I think I am going to have to remove some from the stair, as it will not fit back in perfectly, it sits slightly proud.   I believe the reason for the break is a crack in the sidewalk that runs up to the break (tree root I am sure). If I chip some away, the stair is probably the better place as it may not break so easily.


----------



## nealtw (Jul 22, 2013)

Or get your hands on a diamond grinder. And welcome to the site.


----------



## bud16415 (Jul 23, 2013)

The method I would use would be to cast a new corner in place after drilling and inserting a few pins into the old stuff from below and from the sides. 

If you want to replace the old piece and I can see why you might to match the ageing etc. I don&#8217;t think you will have much luck in just bonding it back in place. You also risk someone stepping on it and it breaking and them taking a spill. If you want to go the bonding method I believe you have to get the old material out and build a level / flat support surface for the piece to rest on then mortar that back in and or glue.
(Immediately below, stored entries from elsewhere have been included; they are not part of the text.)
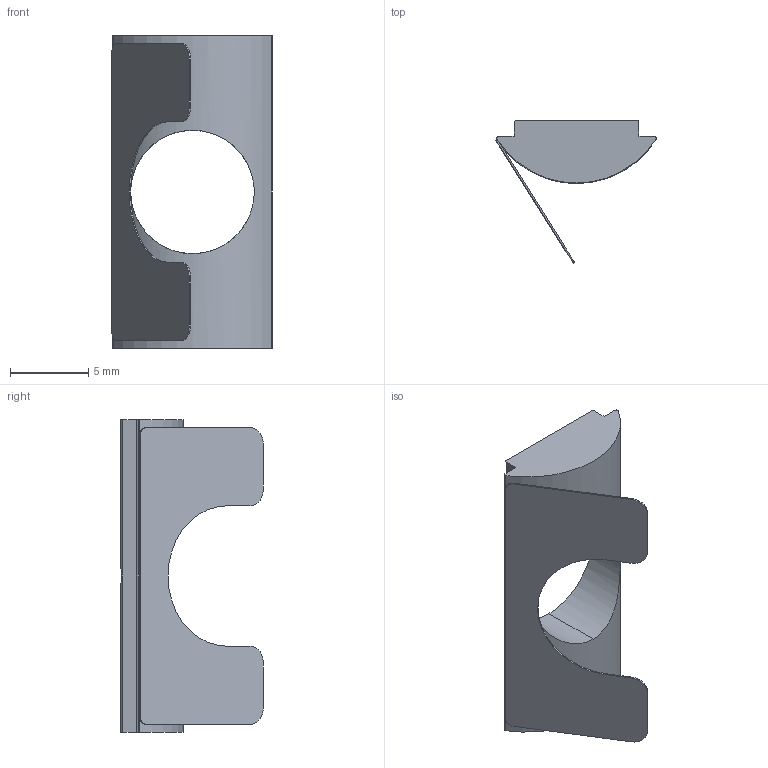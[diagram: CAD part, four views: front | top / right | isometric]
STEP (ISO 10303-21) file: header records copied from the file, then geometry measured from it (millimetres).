
FILE_DESCRIPTION (( 'STEP AP203' ), '1' );
FILE_NAME ('230YS08.STEP', '2018-07-03T12:43:38', ( '' ), ( '' ), 'SwSTEP 2.0', 'SolidWorks 2014', '' );
FILE_SCHEMA (( 'CONFIG_CONTROL_DESIGN' ));
Length unit declared in the file: millimetre
Products named in the file (3): 230YS08; SOMUN YAYI-30; 230YS08 GÖVDE
Assembly tree (2 placements, depth 2):
  230YS08
    230YS08 GÖVDE
    SOMUN YAYI-30
Bounding box: 10.27 x 9.11 x 20 mm (x, y, z)
Volume: 434.3 mm3; surface area: 776.1 mm2
Topology: 2 solids, 2 shells, 32 faces, 87 edges, 58 vertices
Faces by surface type: plane 17, cylinder 15
Entity records: 1406 total; most frequent: CARTESIAN_POINT 266, DIRECTION 187, ORIENTED_EDGE 174, EDGE_CURVE 87, AXIS2_PLACEMENT_3D 67, VERTEX_POINT 58, LINE 53, VECTOR 53

With the slope surface I just see it getting loose again from water and freeze or the root and coming back off.


----------



## BridgeMan (Jul 28, 2013)

I've successfully repaired several similar broken concrete steps, although none as old as yours, and probably several hundred concrete bridge abutment and pier corners.  The trick is to first remove (by careful grinding) any high spots in the exposed base concrete.  It's best not to try to remove material from the underside of the broken-off piece, as you may fracture it.  A small masonry wheel will work just fine, and is a lot less expensive than a diamond grinder someone suggested.  Make sure all of the base concrete is clean, tight and sound--anything that sounds hollow when you drag a hammer over it has to be removed by judicious use of a geologist's pick.  You want to remove as little material as possible, otherwise you may wind up with an epoxy layer more than a half inch thick (not good).  Sand blasting is the best treatment for ensuring good bond of the epoxy, but a vigorous wire brushing can be just as effective for such a small area.  Give the area (both the base and chunk to be glued down) a good scrubbing with water and a stiff bristle brush, then either blow it dry with oil-free compressed air or just let it air dry.

Go to a masonry supply place, and pick up a small kit of low modulus, high viscosity epoxy (sometimes referred to as a gel, most of them are a light gray color when mixed).  Thoroughly mix the 2 components, and apply a thin layer on both surfaces to be bonded.  Press the piece into place, making sure some of the gel is squeezed out along the entire bonding surface--you don't want any voids that can collect water and freeze, causing the patch to break free in the winter.  Work a little powdered Portland cement and graphite dust into the visible bonding surfaces after you've scraped away all excess epoxy, which will make the epoxy blend in better with the color of the adjacent concrete once it cures.


----------